Hello, I recently adopted a 3 year old chihuahua, named Sissy (aka my screen-name). I am picking her up on Wednesday. She is really timid and shy now but seems to be really smart to begin with. Once we get her adjusted and unshy to us, do you think a 3 year old chi can be trained to do tricks etc? 

I saw this on youtube from animal planet dogs 101 on chihuahua's. It doesn't say they can't but it's harder then the beginning. 
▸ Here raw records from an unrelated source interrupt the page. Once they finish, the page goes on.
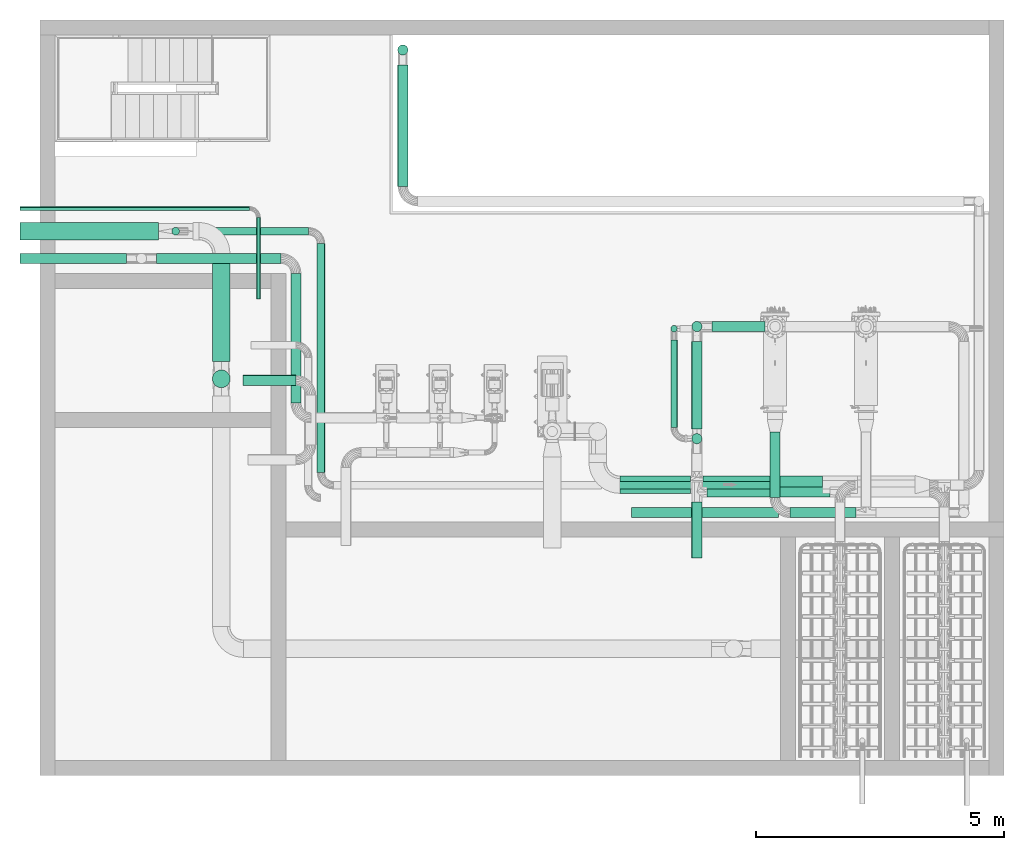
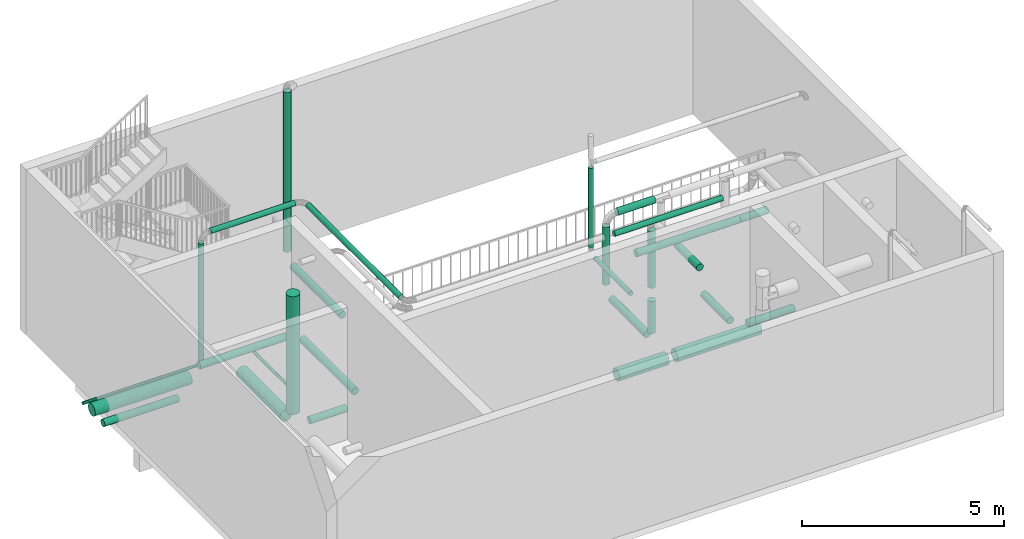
# One storey, part 6 of 28: 29 flow segments.
"""IFC2X3 building model written with IfcOpenShell, lengths in millimetres."""

from ifc_helpers import new_model, entity, si_unit, converted_unit, direction, frame, frame_2d, origin, origin_2d_with_axis, place, context, subcontext, project, spatial, circle, extrude, material, type_object, element, save


model = new_model("IFC2X3")

# Units and contexts
model_context = context("Model", 3, precision=0.01, world=origin(), true_north=direction((6.123031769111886e-17, 1.0)))
body_context = subcontext(model_context, "Body", "Model", "MODEL_VIEW")
ifc_project = project(units=[si_unit("LENGTHUNIT", "METRE", prefix="MILLI"), converted_unit("PLANEANGLEUNIT", "DEGREE", entity("IfcPlaneAngleMeasure", 0.017453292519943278), si_unit("PLANEANGLEUNIT", "RADIAN"), dimensions=[0, 0, 0, 0, 0, 0, 0]), si_unit("AREAUNIT", "SQUARE_METRE")], contexts=[model_context])

# Site, building, storey
site_placement = place(None, frame((7776.576483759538, 118.3519876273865, 0.0)))
site = spatial("IfcSite", under=ifc_project, at=site_placement, Name="Default", CompositionType="ELEMENT")
building_placement = place(site_placement, origin())
building = spatial("IfcBuilding", under=site, at=building_placement, Name="Bygning (endres i Project Information)", CompositionType="ELEMENT")
storey_placement = place(building_placement, frame((0.0, 0.0, 14000.0)))
storey = spatial("IfcBuildingStorey", under=building, at=storey_placement, Name="Plan U1 - Arbeid", CompositionType="ELEMENT", Elevation=14000.000000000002)

# Flow segments
ifc_material = material(Name="SS 2343 Rustfritt stål, prosessrør, generisk")
pipe_segment_type = type_object("IfcPipeSegmentType", Name="Pipe Types:AISI 304L Rustfritt", PredefinedType="NOTDEFINED", material=ifc_material)
flow_segment_1_placement = place(storey_placement, origin())
element("IfcFlowSegment", 1, at=flow_segment_1_placement, inside=storey, type_object=pipe_segment_type, Name="Pipe Types:AISI 304L Rustfritt", ObjectType="Pipe Types:AISI 304L Rustfritt", context=body_context, shape_type="SweptSolid", body=[
    extrude(circle(Radius=78.0, at=origin_2d_with_axis()), frame((24474.00137486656, 25237.75730578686, 4500.0), z_axis=(1.0, 0.0, 0.0), x_axis=(0.0, 1.0, 0.0)), (0.0, 0.0, 1.0), 3099.999999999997),
])
flow_segment_2_placement = place(storey_placement, origin())
element("IfcFlowSegment", 2, at=flow_segment_2_placement, inside=storey, type_object=pipe_segment_type, Name="Pipe Types:AISI 304L Rustfritt", ObjectType="Pipe Types:AISI 304L Rustfritt", context=body_context, shape_type="SweptSolid", body=[
    extrude(circle(Radius=103.0, at=frame_2d((1.7325874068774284e-11, 0.0), x_axis=(1.0, 0.0))), frame((27667.696048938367, 24985.757305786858, 903.4999999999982), z_axis=(0.0, 1.0, 0.0), x_axis=(-1.0, 0.0, 0.0)), (0.0, 0.0, 1.0), 1322.000000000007),
])
flow_segment_3_placement = place(storey_placement, origin())
element("IfcFlowSegment", 3, at=flow_segment_3_placement, inside=storey, type_object=pipe_segment_type, Name="Pipe Types:AISI 304L Rustfritt", ObjectType="Pipe Types:AISI 304L Rustfritt", context=body_context, shape_type="SweptSolid", body=[
    extrude(circle(Radius=103.0, at=frame_2d((-4.331468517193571e-12, 4.3314685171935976e-12), x_axis=(1.0, 0.0))), frame((26093.82624997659, 23770.57559754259, 3803.0), z_axis=(0.0, 1.0, 0.0), x_axis=(-1.0, 0.0, 0.0)), (0.0, 0.0, 1.0), 1127.1817082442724),
])
flow_segment_4_placement = place(storey_placement, origin())
element("IfcFlowSegment", 4, at=flow_segment_4_placement, inside=storey, type_object=pipe_segment_type, Name="Pipe Types:AISI 304L Rustfritt", ObjectType="Pipe Types:AISI 304L Rustfritt", context=body_context, shape_type="SweptSolid", body=[
    extrude(circle(Radius=103.0, at=frame_2d((-4.331468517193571e-12, 4.331468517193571e-12), x_axis=(1.0, 0.0))), frame((26093.82624997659, 26172.75730578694, 1780.0), z_axis=(0.0, 0.0, 1.0), x_axis=(-1.0, 0.0, 0.0)), (0.0, 0.0, 1.0), 1722.9999999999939),
])
flow_segment_5_placement = place(storey_placement, origin())
element("IfcFlowSegment", 5, at=flow_segment_5_placement, inside=storey, type_object=pipe_segment_type, Name="Pipe Types:AISI 304L Rustfritt", ObjectType="Pipe Types:AISI 304L Rustfritt", context=body_context, shape_type="SweptSolid", body=[
    extrude(circle(Radius=178.0, at=frame_2d((-8.662937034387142e-12, 7.741093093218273e-34), x_axis=(1.0, 0.0))), frame((12474.001345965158, 30347.757305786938, 278.0000272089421), z_axis=(1.0, 0.0, 0.0), x_axis=(0.0, 1.0, 0.0)), (0.0, 0.0, 1.0), 2782.1441648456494),
])
flow_segment_6_placement = place(storey_placement, origin())
element("IfcFlowSegment", 6, at=flow_segment_6_placement, inside=storey, type_object=pipe_segment_type, Name="Pipe Types:AISI 304L Rustfritt", ObjectType="Pipe Types:AISI 304L Rustfritt", context=body_context, shape_type="SweptSolid", body=[
    extrude(circle(Radius=103.0, at=origin_2d_with_axis()), frame((26393.826249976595, 28429.85394005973, 2552.2960799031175), z_axis=(1.0, 0.0, 0.0), x_axis=(0.0, 1.0, 0.0)), (0.0, 0.0, 1.0), 1073.869798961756),
])
flow_segment_7_placement = place(storey_placement, origin())
element("IfcFlowSegment", 7, at=flow_segment_7_placement, inside=storey, type_object=pipe_segment_type, Name="Pipe Types:AISI 304L Rustfritt", ObjectType="Pipe Types:AISI 304L Rustfritt", context=body_context, shape_type="SweptSolid", body=[
    extrude(circle(Radius=103.0, at=origin_2d_with_axis()), frame((27967.69604893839, 24685.75730578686, 903.5000000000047), z_axis=(1.0, 0.0, 0.0), x_axis=(0.0, 1.0, 0.0)), (0.0, 0.0, 1.0), 1329.5679156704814),
])
flow_segment_8_placement = place(storey_placement, origin())
element("IfcFlowSegment", 8, at=flow_segment_8_placement, inside=storey, type_object=pipe_segment_type, Name="Pipe Types:AISI 304L Rustfritt", ObjectType="Pipe Types:AISI 304L Rustfritt", context=body_context, shape_type="SweptSolid", body=[
    extrude(circle(Radius=178.0, at=origin_2d_with_axis()), frame((16524.001374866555, 27376.90344361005, 628.0), z_axis=(0.0, 0.0, 1.0), x_axis=(-1.0, 0.0, 0.0)), (0.0, 0.0, 1.0), 3571.999868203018),
])
flow_segment_9_placement = place(storey_placement, origin())
element("IfcFlowSegment", 9, at=flow_segment_9_placement, inside=storey, type_object=pipe_segment_type, Name="Pipe Types:AISI 304L Rustfritt", ObjectType="Pipe Types:AISI 304L Rustfritt", context=body_context, shape_type="SweptSolid", body=[
    extrude(circle(Radius=103.0, at=frame_2d((0.0, 2.1657342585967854e-12), x_axis=(1.0, 0.0))), frame((26093.826249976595, 26372.757305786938, 203.0), z_axis=(0.0, 1.0, 0.0), x_axis=(1.0, 0.0, 0.0)), (0.0, 0.0, 1.0), 1757.096634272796),
])
flow_segment_10_placement = place(storey_placement, origin())
element("IfcFlowSegment", 10, at=flow_segment_10_placement, inside=storey, type_object=pipe_segment_type, Name="Pipe Types:AISI 304L Rustfritt", ObjectType="Pipe Types:AISI 304L Rustfritt", context=body_context, shape_type="SweptSolid", body=[
    extrude(circle(Radius=78.0, at=origin_2d_with_axis()), frame((18530.00137486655, 25487.75730578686, 4500.0), z_axis=(0.0, 1.0, 0.0), x_axis=(1.0, 0.0, 0.0)), (0.0, 0.0, 1.0), 4610.000000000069),
])
flow_segment_11_placement = place(storey_placement, origin())
element("IfcFlowSegment", 11, at=flow_segment_11_placement, inside=storey, type_object=pipe_segment_type, Name="Pipe Types:AISI 304L Rustfritt", ObjectType="Pipe Types:AISI 304L Rustfritt", context=body_context, shape_type="SweptSolid", body=[
    extrude(circle(Radius=78.0, at=origin_2d_with_axis()), frame((15856.145518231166, 30347.75730578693, 4500.0), z_axis=(1.0, 0.0, 0.0), x_axis=(0.0, 1.0, 0.0)), (0.0, 0.0, 1.0), 2423.8558566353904),
])
flow_segment_12_placement = place(storey_placement, origin())
element("IfcFlowSegment", 12, at=flow_segment_12_placement, inside=storey, type_object=pipe_segment_type, Name="Pipe Types:AISI 304L Rustfritt", ObjectType="Pipe Types:AISI 304L Rustfritt", context=body_context, shape_type="SweptSolid", body=[
    extrude(circle(Radius=42.0, at=origin_2d_with_axis()), frame((12474.001344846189, 30805.757305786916, 192.00004345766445), z_axis=(1.0, 0.0, 0.0), x_axis=(0.0, -1.0, 0.0)), (0.0, 0.0, 1.0), 4616.292111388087),
])
flow_segment_13_placement = place(storey_placement, origin())
element("IfcFlowSegment", 13, at=flow_segment_13_placement, inside=storey, type_object=pipe_segment_type, Name="Pipe Types:AISI 304L Rustfritt", ObjectType="Pipe Types:AISI 304L Rustfritt", context=body_context, shape_type="SweptSolid", body=[
    extrude(circle(Radius=42.0, at=frame_2d((-2.1657342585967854e-12, 0.0), x_axis=(1.0, 0.0))), frame((17270.293456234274, 28988.30250068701, 192.0), z_axis=(0.0, 1.0, 0.0), x_axis=(-1.0, 0.0, 0.0)), (0.0, 0.0, 1.0), 1637.454805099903),
])
flow_segment_14_placement = place(storey_placement, origin())
element("IfcFlowSegment", 14, at=flow_segment_14_placement, inside=storey, type_object=pipe_segment_type, Name="Pipe Types:AISI 304L Rustfritt", ObjectType="Pipe Types:AISI 304L Rustfritt", context=body_context, shape_type="SweptSolid", body=[
    extrude(circle(Radius=103.0, at=frame_2d((6.44152346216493e-25, -8.118991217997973e-07), x_axis=(1.0, 0.0))), frame((15219.001374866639, 29800.75727784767, 985.0123791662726), z_axis=(1.0, -9.190543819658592e-08, 0.0), x_axis=(9.190543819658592e-08, 1.0, 0.0)), (0.0, 0.0, 1.0), 2508.000028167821),
])
flow_segment_15_placement = place(storey_placement, origin())
element("IfcFlowSegment", 15, at=flow_segment_15_placement, inside=storey, type_object=pipe_segment_type, Name="Pipe Types:AISI 304L Rustfritt", ObjectType="Pipe Types:AISI 304L Rustfritt", context=body_context, shape_type="SweptSolid", body=[
    extrude(circle(Radius=178.0, at=frame_2d((0.0, 2.1657342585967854e-12), x_axis=(1.0, 0.0))), frame((16524.001374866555, 27726.903443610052, 278.0), z_axis=(0.0, 1.0, 0.0), x_axis=(-1.0, 0.0, 0.0)), (0.0, 0.0, 1.0), 2170.853862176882),
])
flow_segment_16_placement = place(storey_placement, origin())
element("IfcFlowSegment", 16, at=flow_segment_16_placement, inside=storey, type_object=pipe_segment_type, Name="Pipe Types:AISI 304L Rustfritt", ObjectType="Pipe Types:AISI 304L Rustfritt", context=body_context, shape_type="SweptSolid", body=[
    extrude(circle(Radius=103.0, at=origin_2d_with_axis()), frame((26293.826249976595, 25097.757305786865, 3803.0), z_axis=(1.0, 0.0, 0.0), x_axis=(0.0, 1.0, 0.0)), (0.0, 0.0, 1.0), 2480.175124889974),
])
flow_segment_17_placement = place(storey_placement, origin())
element("IfcFlowSegment", 17, at=flow_segment_17_placement, inside=storey, type_object=pipe_segment_type, Name="Pipe Types:AISI 304L Rustfritt", ObjectType="Pipe Types:AISI 304L Rustfritt", context=body_context, shape_type="SweptSolid", body=[
    extrude(circle(Radius=103.0, at=frame_2d((-4.331468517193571e-12, 0.0), x_axis=(1.0, 0.0))), frame((16964.00137486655, 27347.75730578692, 203.0), z_axis=(1.0, 0.0, 0.0), x_axis=(0.0, 1.0, 0.0)), (0.0, 0.0, 1.0), 1059.9999999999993),
])
flow_segment_18_placement = place(storey_placement, origin())
element("IfcFlowSegment", 18, at=flow_segment_18_placement, inside=storey, type_object=pipe_segment_type, Name="Pipe Types:AISI 304L Rustfritt", ObjectType="Pipe Types:AISI 304L Rustfritt", context=body_context, shape_type="SweptSolid", body=[
    extrude(circle(Radius=103.0, at=frame_2d((0.0, -4.331468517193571e-12), x_axis=(1.0, 0.0))), frame((26093.826249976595, 28429.853940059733, 503.0)), (0.0, 0.0, 1.0), 1749.2960799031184),
])
flow_segment_19_placement = place(storey_placement, origin())
element("IfcFlowSegment", 19, at=flow_segment_19_placement, inside=storey, type_object=pipe_segment_type, Name="Pipe Types:AISI 304L Rustfritt", ObjectType="Pipe Types:AISI 304L Rustfritt", context=body_context, shape_type="SweptSolid", body=[
    extrude(circle(Radius=65.5, at=frame_2d((0.0, 4.331468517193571e-12), x_axis=(1.0, 0.0))), frame((25634.00137486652, 28385.823688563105, 1805.0)), (0.0, 0.0, 1.0), 2404.5000000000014),
])
flow_segment_20_placement = place(storey_placement, origin())
element("IfcFlowSegment", 20, at=flow_segment_20_placement, inside=storey, type_object=pipe_segment_type, Name="Pipe Types:AISI 304L Rustfritt", ObjectType="Pipe Types:AISI 304L Rustfritt", context=body_context, shape_type="SweptSolid", body=[
    extrude(circle(Radius=65.5, at=origin_2d_with_axis()), frame((25634.001374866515, 26397.757305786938, 1580.0), z_axis=(0.0, 1.0, 0.0), x_axis=(-1.0, 0.0, 0.0)), (0.0, 0.0, 1.0), 1763.0029877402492),
])
flow_segment_21_placement = place(storey_placement, origin())
element("IfcFlowSegment", 21, at=flow_segment_21_placement, inside=storey, type_object=pipe_segment_type, Name="Pipe Types:AISI 304L Rustfritt", ObjectType="Pipe Types:AISI 304L Rustfritt", context=body_context, shape_type="SweptSolid", body=[
    extrude(circle(Radius=103.0, at=frame_2d((-4.331468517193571e-12, 4.331468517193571e-12), x_axis=(1.0, 0.0))), frame((26093.82624997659, 26172.75730578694, 403.0), z_axis=(0.0, 0.0, 1.0), x_axis=(-1.0, 0.0, 0.0)), (0.0, 0.0, 1.0), 977.0000000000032),
])
flow_segment_22_placement = place(storey_placement, origin())
element("IfcFlowSegment", 22, at=flow_segment_22_placement, inside=storey, type_object=pipe_segment_type, Name="Pipe Types:AISI 304L Rustfritt", ObjectType="Pipe Types:AISI 304L Rustfritt", context=body_context, shape_type="SweptSolid", body=[
    extrude(circle(Radius=78.0, at=origin_2d_with_axis()), frame((15606.145518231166, 30347.75730578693, 628.0000197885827), z_axis=(0.0, 0.0, 1.0), x_axis=(-1.0, 0.0, 0.0)), (0.0, 0.0, 1.0), 3621.999980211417),
])
flow_segment_23_placement = place(storey_placement, origin())
element("IfcFlowSegment", 23, at=flow_segment_23_placement, inside=storey, type_object=pipe_segment_type, Name="Pipe Types:AISI 304L Rustfritt", ObjectType="Pipe Types:AISI 304L Rustfritt", context=body_context, shape_type="SweptSolid", body=[
    extrude(circle(Radius=103.0, at=frame_2d((0.0, 2.1657342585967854e-12), x_axis=(1.0, 0.0))), frame((18027.00137486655, 26893.11822564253, 985.012379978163), z_axis=(0.0, 1.0, 0.0), x_axis=(1.0, 0.0, 0.0)), (0.0, 0.0, 1.0), 2607.6388217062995),
])
flow_segment_24_placement = place(storey_placement, origin())
element("IfcFlowSegment", 24, at=flow_segment_24_placement, inside=storey, type_object=pipe_segment_type, Name="Pipe Types:AISI 304L Rustfritt", ObjectType="Pipe Types:AISI 304L Rustfritt", context=body_context, shape_type="SweptSolid", body=[
    extrude(circle(Radius=103.0, at=frame_2d((-4.331468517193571e-12, 2.1657342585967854e-12), x_axis=(1.0, 0.0))), frame((12474.00134596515, 29800.75730578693, 203.0), z_axis=(1.0, 0.0, 0.0), x_axis=(0.0, 1.0, 0.0)), (0.0, 0.0, 1.0), 2145.0000289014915),
])
flow_segment_25_placement = place(storey_placement, origin())
element("IfcFlowSegment", 25, at=flow_segment_25_placement, inside=storey, type_object=pipe_segment_type, Name="Pipe Types:AISI 304L Rustfritt", ObjectType="Pipe Types:AISI 304L Rustfritt", context=body_context, shape_type="SweptSolid", body=[
    extrude(circle(Radius=103.0, at=origin_2d_with_axis()), frame((24774.001374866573, 24685.75730578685, 4140.0), z_axis=(1.0, 0.0, 0.0), x_axis=(0.0, 1.0, 0.0)), (0.0, 0.0, 1.0), 2962.3999999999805),
])
flow_segment_26_placement = place(storey_placement, origin())
element("IfcFlowSegment", 26, at=flow_segment_26_placement, inside=storey, type_object=pipe_segment_type, Name="Pipe Types:AISI 304L Rustfritt", ObjectType="Pipe Types:AISI 304L Rustfritt", context=body_context, shape_type="SweptSolid", body=[
    extrude(circle(Radius=103.0, at=origin_2d_with_axis()), frame((20177.001374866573, 31250.75730578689, -103.0), z_axis=(0.0, 1.0, 0.0), x_axis=(-1.0, 0.0, 0.0)), (0.0, 0.0, 1.0), 2444.0000000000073),
])
flow_segment_27_placement = place(storey_placement, origin())
element("IfcFlowSegment", 27, at=flow_segment_27_placement, inside=storey, type_object=pipe_segment_type, Name="Pipe Types:AISI 304L Rustfritt", ObjectType="Pipe Types:AISI 304L Rustfritt", context=body_context, shape_type="SweptSolid", body=[
    extrude(circle(Radius=178.0, at=frame_2d((-4.331468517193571e-12, 0.0), x_axis=(1.0, 0.0))), frame((24547.43033291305, 25247.75730578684, 203.0), z_axis=(1.0, 0.0, 0.0), x_axis=(0.0, 1.0, 0.0)), (0.0, 0.0, 1.0), 1421.2209170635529),
])
flow_segment_28_placement = place(storey_placement, origin())
element("IfcFlowSegment", 28, at=flow_segment_28_placement, inside=storey, type_object=pipe_segment_type, Name="Pipe Types:AISI 304L Rustfritt", ObjectType="Pipe Types:AISI 304L Rustfritt", context=body_context, shape_type="SweptSolid", body=[
    extrude(circle(Radius=178.0, at=frame_2d((4.331468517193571e-12, 0.0), x_axis=(1.0, 0.0))), frame((26219.0012499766, 25247.757305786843, 203.0), z_axis=(1.0, 0.0, 0.0), x_axis=(0.0, 1.0, 0.0)), (0.0, 0.0, 1.0), 2405.00012488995),
])
flow_segment_29_placement = place(storey_placement, origin())
element("IfcFlowSegment", 29, at=flow_segment_29_placement, inside=storey, type_object=pipe_segment_type, Name="Pipe Types:AISI 304L Rustfritt", ObjectType="Pipe Types:AISI 304L Rustfritt", context=body_context, shape_type="SweptSolid", body=[
    extrude(circle(Radius=103.0, at=origin_2d_with_axis()), frame((20177.001374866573, 33994.7573057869, 197.0), z_axis=(0.0, 0.0, 1.0), x_axis=(-1.0, 0.0, 0.0)), (0.0, 0.0, 1.0), 4841.419710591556),
])

save(model, "model.ifc")

YouTube - Dogs 101: Chihuahua


----------



## Schwowsers (Nov 19, 2009)

In my (little) experience, yes. I adopted a 9 year old chi, and I've taught her several commands so far. Training her seems to be a little slower than training my 3 year old pit, but she can indeed learn new things.


----------



## flippedstars (Dec 16, 2009)

She can definitely learn new things


----------



## devo (Jun 23, 2010)

I am going to say yes but at this time I have very limited experience but we have been training a 3 year old and it seems to be working I can almost get her to sit now, I just think it might take a little longer.


----------



## ExoticChis (Jun 20, 2010)

dogs are never to old to lean something new


----------



## freedomchis (Jul 28, 2007)

Yes definally we rehomed a 6 year old he will be 7 in January and he has learnt loads living here with us!


----------



## Natti (Jun 24, 2010)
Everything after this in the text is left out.